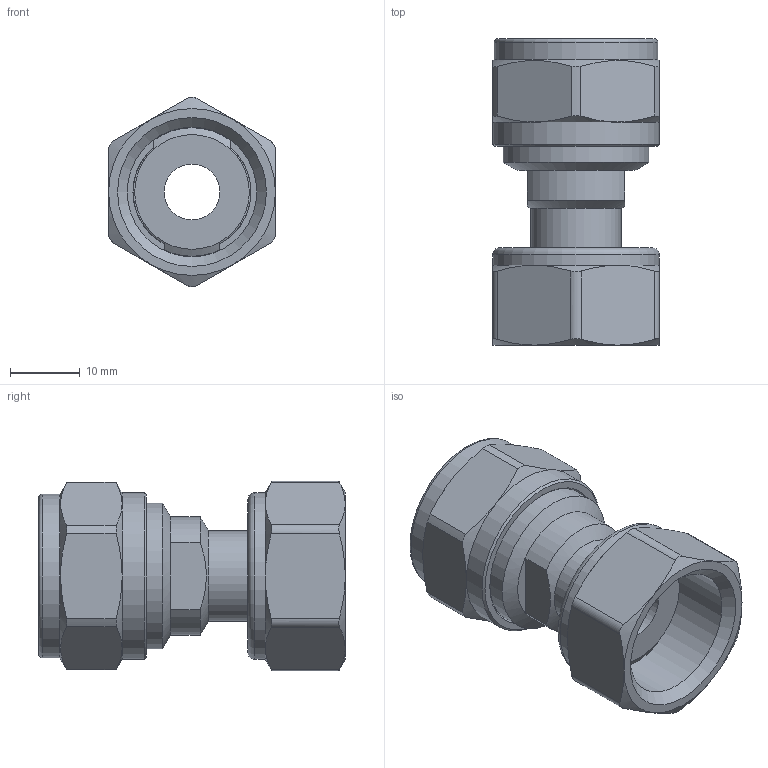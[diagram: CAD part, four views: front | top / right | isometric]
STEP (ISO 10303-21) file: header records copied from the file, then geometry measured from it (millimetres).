
FILE_DESCRIPTION(('STEP AP203'), '1');
FILE_NAME('VTm.322.N.001604', '', ('UNSPECIFIED'), ('UNSPECIFIED'), 'C3D Converter', 'C3D Toolkit', '');
FILE_SCHEMA(('CONFIG_CONTROL_DESIGN'));
Length unit declared in the file: millimetre
Products named in the file (1): ВР.302634.078.000 СБ
Bounding box: 24 x 44.11 x 27.24 mm (x, y, z)
Volume: 10805.7 mm3; surface area: 9075.9 mm2
Topology: 2 solids, 2 shells, 327 faces, 865 edges, 562 vertices
Faces by surface type: extrusion 111, plane 107, cylinder 45, cone 35, torus 29
Full cylindrical faces by diameter (mm): 8 x1, 11.8 x4, 12.4 x1, 13 x1, 14 x1, 16.2 x1, 16.7 x1, 17 x1, 18.632 x2, 20.955 x1, 23.5 x1, 24 x2
Entity records: 12277 total; most frequent: CARTESIAN_POINT 4873, ORIENTED_EDGE 1644, DIRECTION 1161, EDGE_CURVE 822, VERTEX_POINT 562, VECTOR 443, B_SPLINE_CURVE_WITH_KNOTS 439, EDGE_LOOP 396

#####

### EXERCISE PROMPT
Omitting all pictures, give the preceding listing again exactly.

### FINAL ANSWER
[diagram: CAD part, four views: front | top / right | isometric]
STEP (ISO 10303-21) file: header records copied from the file, then geometry measured from it (millimetres).
FILE_DESCRIPTION(('STEP AP203'), '1');
FILE_NAME('VTm.322.N.001604', '', ('UNSPECIFIED'), ('UNSPECIFIED'), 'C3D Converter', 'C3D Toolkit', '');
FILE_SCHEMA(('CONFIG_CONTROL_DESIGN'));
Length unit declared in the file: millimetre
Products named in the file (1): ВР.302634.078.000 СБ
Bounding box: 24 x 44.11 x 27.24 mm (x, y, z)
Volume: 10805.7 mm3; surface area: 9075.9 mm2
Topology: 2 solids, 2 shells, 327 faces, 865 edges, 562 vertices
Faces by surface type: extrusion 111, plane 107, cylinder 45, cone 35, torus 29
Full cylindrical faces by diameter (mm): 8 x1, 11.8 x4, 12.4 x1, 13 x1, 14 x1, 16.2 x1, 16.7 x1, 17 x1, 18.632 x2, 20.955 x1, 23.5 x1, 24 x2
Entity records: 12277 total; most frequent: CARTESIAN_POINT 4873, ORIENTED_EDGE 1644, DIRECTION 1161, EDGE_CURVE 822, VERTEX_POINT 562, VECTOR 443, B_SPLINE_CURVE_WITH_KNOTS 439, EDGE_LOOP 396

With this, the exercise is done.